A study of interest that I encountered in my research of the brain and grief, looked into the brain response in those identified as suffering from “complicated grief,” or grief that doesn’t have the normal dissipation over time. The study, conducted in 2008 at UCLA by researcher Mary-Frances O'Connor, centered on women that had lost mothers to breast cancer. Subjects were shown pictures of their deceased family members while hooked up to an fMRI machine. Normal grief is identifiable on an fMRI scan as areas of the brain that control emotional pain are activated when the bereaved subject is shown a picture of those they lost. The subjects with “complicated grief” (a term Dr. Redfield Jamison takes exception to because she argues all grief is complicated) display this same activity, but also show activity in the nucleus accumbens, a region of the brain associated with pleasure, rewards and addiction. The women in that group were unconsciously prolonging their grief, the study concluded, because memories of the person they missed gave them pleasure—as well as pain.

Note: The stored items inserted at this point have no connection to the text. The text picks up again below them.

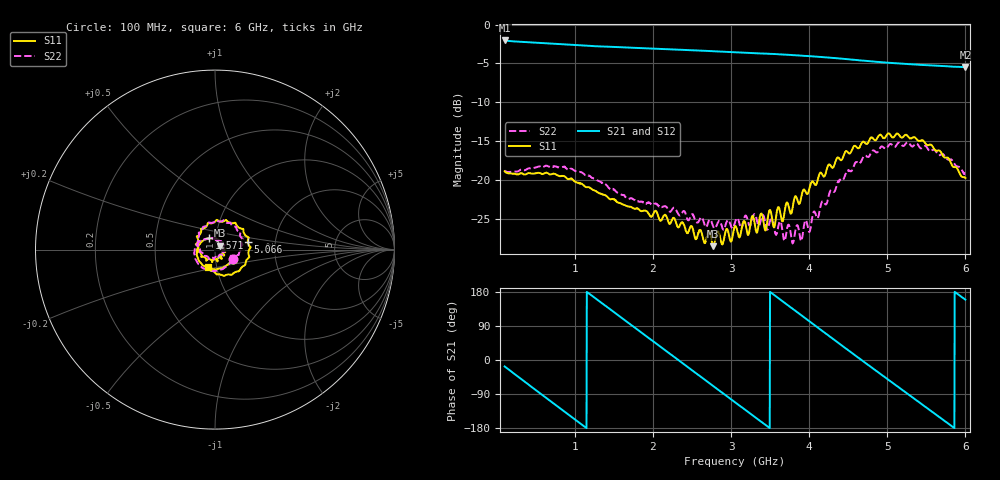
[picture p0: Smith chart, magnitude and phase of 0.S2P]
!Agilent Technologies,E5071C,MY46316741,A.11.02
!Date: Thu Dec 16 09:44:59 2021
!Data & Calibration Information:
!Freq	S11:SOLT4(ON)	S21:SOLT4(ON)	S12:SOLT4(ON)	S22:SOLT4(ON)
!PortZ  Port1:50+j0  Port2:50+j0
!Above PortZ is port z conversion or system Z0 setting when saving the data.
!When reading, reference impedance value at option line is always used.
# Hz S dB R 50
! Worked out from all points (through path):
!   1593 points, 100 MHz to 6 GHz, reference 50 ohm
!   highest |S21| = -2.04 dB at 100 MHz (marker M1); lowest = -5.5 dB at 6 GHz (marker M2)
!   group delay of S21, straight-line fit = 426 ps
!   lowest |S11| = -28.5 dB at 2.772 GHz (marker M3), VSWR 1.08, Z = 53 + j2.42 ohm
!   |S11| at or under -10 dB: start of sweep to end of sweep
!   |S22| runs from -28.2 to -15.1 dB; largest |S21 - S12| = 0.0049
!   S11 on the Smith chart (normalised r, x): 100 MHz: 1.22, -0.13; 1.571 GHz: 0.93, +0.12; 5.066 GHz: 1.44, +0.13; 6 GHz: 0.91, -0.18
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1e8  -18.89 -27.3  -2.04 -17.0  -2.05 -17.0  -18.78 -26.8
3.594221e8  -19.32 -78.1  -2.25 -57.6  -2.26 -57.6  -18.76 -76.5
5.780779e8  -19.24 -118.4  -2.39 -91.7  -2.40 -91.6  -18.35 -115.1
8.041457e8  -19.52 -155.5  -2.52 -126.7  -2.53 -126.6  -18.38 -149.9
1.085804e9  -20.49 165.9  -2.68 -170.1  -2.69 -170.1  -19.03 175.1
1.319284e9  -21.73 140.2  -2.81 154.1  -2.82 154.1  -20.20 152.8
1.571294e9  -22.97 118.3  -2.90 115.4  -2.91 115.5  -21.81 134.3
1.80848e9  -23.70 101.8  -3.01 79.0  -3.02 79.0  -22.76 122.9
2.067902e9  -24.68 86.8  -3.12 39.3  -3.12 39.4  -23.28 110.4
2.405151e9  -26.05 61.0  -3.25 -12.5  -3.27 -12.5  -24.08 92.3
2.772048e9  -28.54 37.5  -3.42 -68.8  -3.44 -68.7  -26.03 79.7
3.05e9  -25.99 14.9  -3.56 -111.4  -3.58 -111.3  -25.50 60.7
3.528078e9  -25.20 -53.0  -3.78 175.2  -3.78 175.4  -25.15 9.1
3.791206e9  -23.38 -126.4  -3.93 134.6  -3.93 134.8  -28.10 -51.4
4.035804e9  -20.21 -173.9  -4.08 97.0  -4.09 97.2  -25.02 -123.4
4.27299e9  -18.15 143.0  -4.27 60.5  -4.27 60.7  -21.36 -171.7
4.550942e9  -16.06 89.1  -4.51 18.0  -4.51 18.2  -18.71 140.2
5.017902e9  -14.00 19.7  -4.91 -52.8  -4.92 -52.5  -15.56 74.8
5.06608e9  -14.54 13.1  -4.95 -60.0  -4.96 -59.7  -15.55 72.1
5.444095e9  -14.93 -41.2  -5.19 -117.0  -5.19 -116.7  -15.89 25.1
5.72946e9  -17.10 -80.1  -5.35 -160.1  -5.33 -159.7  -16.85 -2.1
6e9  -19.76 -112.1  -5.47 159.2  -5.46 159.5  -19.22 -26.3
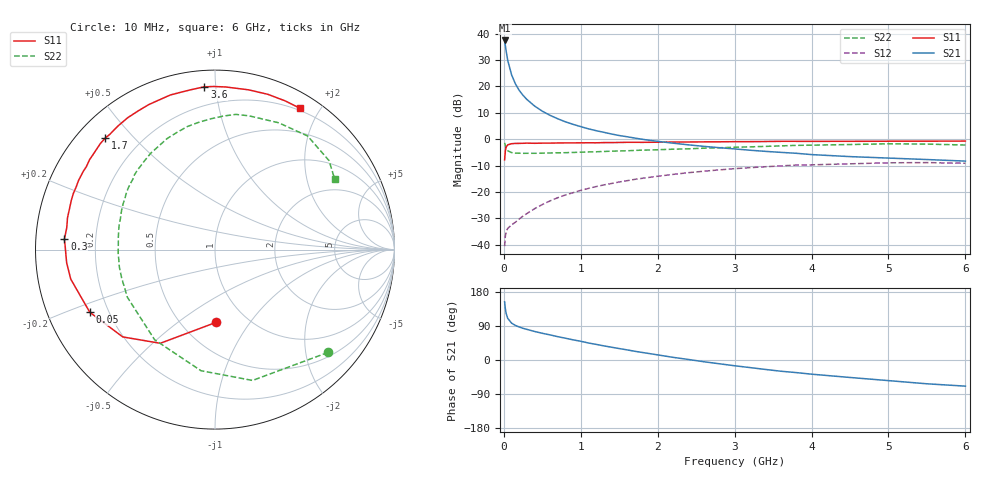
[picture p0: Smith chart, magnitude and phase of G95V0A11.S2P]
! SIEMENS Small Signal Semiconductors
! BFG235
! Si NPN RF Bipolar Junction Transistor in SOT223
! VCE = 5 V  IC = 110 mA
! Common Emitter S-Parameters:  July  1994
# GHz  S  MA  R  50
!  f  S11  S21  S12  S22
! GHz  MAG  ANG  MAG  ANG  MAG  ANG  MAG  ANG
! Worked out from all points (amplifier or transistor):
!   40 points, 10 MHz to 6 GHz, reference 50 ohm
!   highest |S21| = 37.4 dB at 10 MHz (marker M1)
!   |S21| within 3 dB of that: start of sweep to 25.06 MHz
!   unconditionally stable (mu >= 1): 464.3 MHz to 1.449 GHz
!   at 200 MHz: K = 0.78, MSG = 24.4 dB, |S12| = -30.3 dB
!   at 1.5 GHz: K = 0.99, MSG = 8.8 dB, |S12| = -16.2 dB
!   at 6 GHz: K = 0.89, MSG = 0.4 dB, |S12| = -9.1 dB
!   S11 on the Smith chart (normalised r, x): 10 MHz: 0.73, -0.70; 50 MHz: 0.13, -0.23; 300 MHz: 0.09, +0.03; 1.7 GHz: 0.08, +0.42; 3.6 GHz: 0.09, +0.93; 6 GHz: 0.17, +1.76
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0.01  0.4051 -89.0  73.97 153.5  0.0094 65.9  0.8513 -42.3
0.02  0.6047 -120.3  58.9 134.9  0.0148 49.1  0.7584 -74.0
0.03  0.7078 -136.6  46.69 122.9  0.0174 42.0  0.6792 -96.6
0.05  0.78 -153.4  31.33 110.0  0.0204 33.8  0.6045 -123.8
0.1  0.8202 -168.4  16.63 97.4  0.0237 35.7  0.5558 -151.4
0.15  0.8298 -174.9  11.18 91.2  0.0267 41.1  0.5436 -163.1
0.2  0.8314 -178.3  8.379 87.1  0.0307 45.4  0.5418 -169.5
0.25  0.8351 178.6  6.746 83.6  0.0349 49.2  0.5389 -174.0
0.3  0.8411 176.1  5.635 80.8  0.039 52.6  0.5396 -177.7
0.4  0.8349 171.5  4.235 75.3  0.0482 55.4  0.5394 177.1
0.5  0.8407 167.8  3.383 70.5  0.0577 56.7  0.5428 172.8
0.6  0.8417 164.7  2.827 66.3  0.0676 57.1  0.547 169.0
0.8  0.849 158.4  2.131 57.5  0.0877 55.8  0.5538 162.3
1.1  0.8536 149.3  1.567 44.9  0.1167 51.4  0.5723 153.3
1.4  0.8611 142.2  1.251 33.7  0.1448 45.8  0.5916 145.1
1.7  0.8715 134.6  1.05 23.1  0.1729 39.6  0.6118 137.3
2.2  0.8812 123.4  0.839 7.0  0.215 28.6  0.6452 123.7
3.2  0.8973 102.0  0.617 -20.0  0.2883 5.4  0.7143 97.6
3.6  0.9089 93.7  0.562 -29.6  0.3114 -4.5  0.7455 86.4
4.5  0.9096 78.2  0.467 -46.1  0.3409 -24.4  0.7907 63.3
5.5  0.9161 64.8  0.411 -62.8  0.3597 -46.4  0.8059 38.0
6  0.9188 58.9  0.384 -69.0  0.3494 -54.8  0.774 30.5

In listening to music, it is my experience that one can experience a variety of emotional responses ranging from something similar to pain or sadness to pleasure. I can’t help but wonder if the parts of the brain that are stimulated when listening to music include the centers of emotional pain and the nucleus accumbens. Could this explain in part why music commonly elicits heightened emotional responses during times of grief? In my research on this topic I have not yet found conclusive data to prove my theory, as both grief and music are complicated stimuli eliciting complicated brain activity. I plan to continue looking for connections between music and grief and their effects on the brain and appreciated the dynamic way this topic was explored in Dr. Redfield Jamison’s lecture.